What is required: Where a line of the listing below includes the word "BELT", reproduce that line.
[Working data — start]
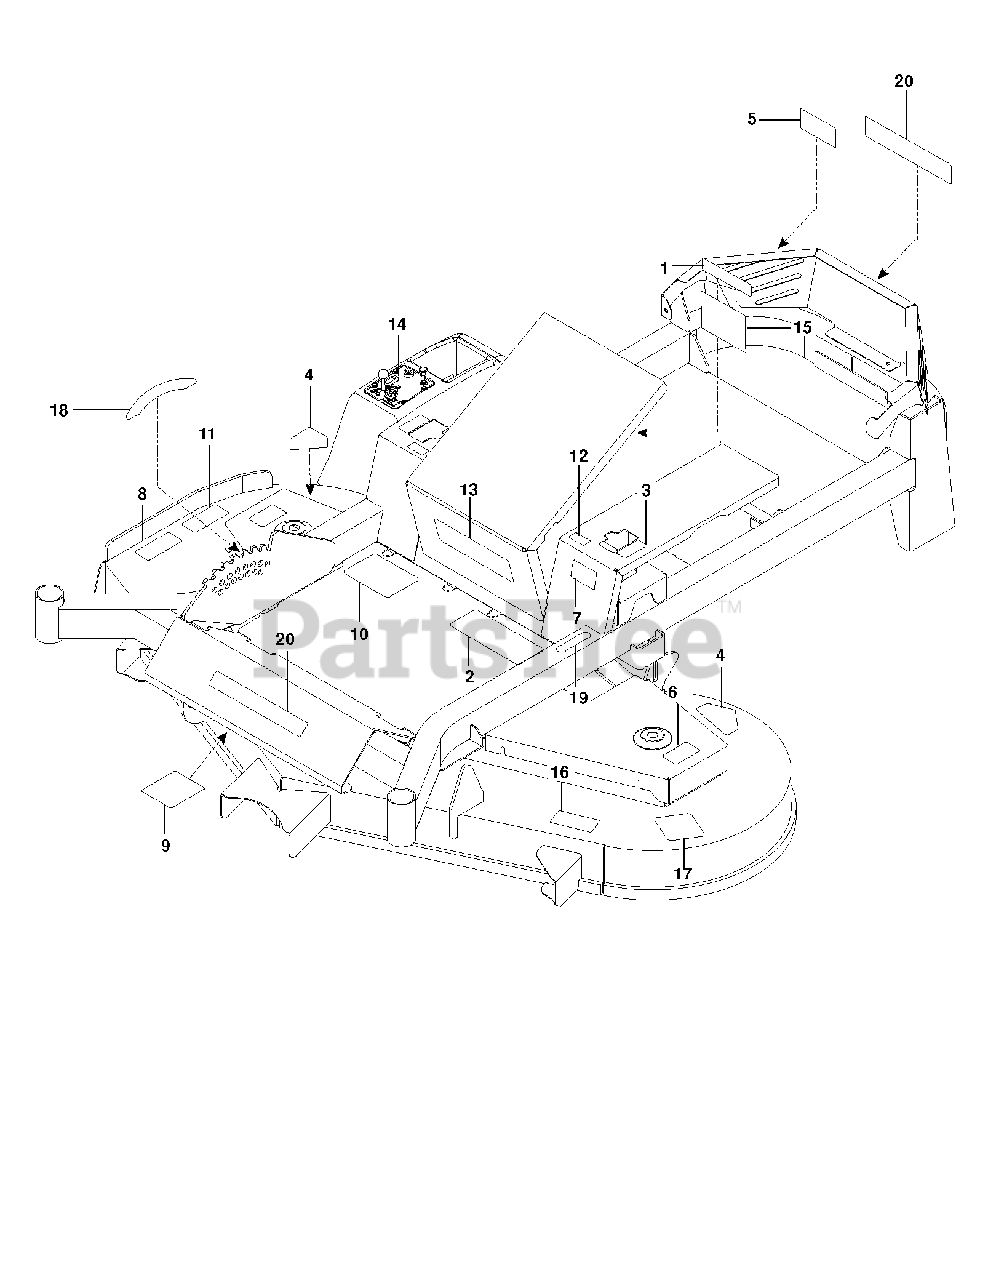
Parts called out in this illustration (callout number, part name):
2	DECAL, WARNING
3	DECAL, MOTION CONTROL
4	DECAL, CPSC
5	DECAL, BELT DRIVE
7	DECAL, FLAG
8	DECAL, EURO SEVERING
9	DECAL, BELT ROUTING
10	DECAL, WARNING
12	DECAL, TRACKING
13	DECAL, RAM ULTRA
15	DECAL, SERVICE
16	DECAL, TRI-FORCE
18	DECAL, HEIGHT ADJUSTMENT
19	DECAL, PARK BRAKE
[Working data — finish]
Answer section:
5	DECAL, BELT DRIVE
9	DECAL, BELT ROUTING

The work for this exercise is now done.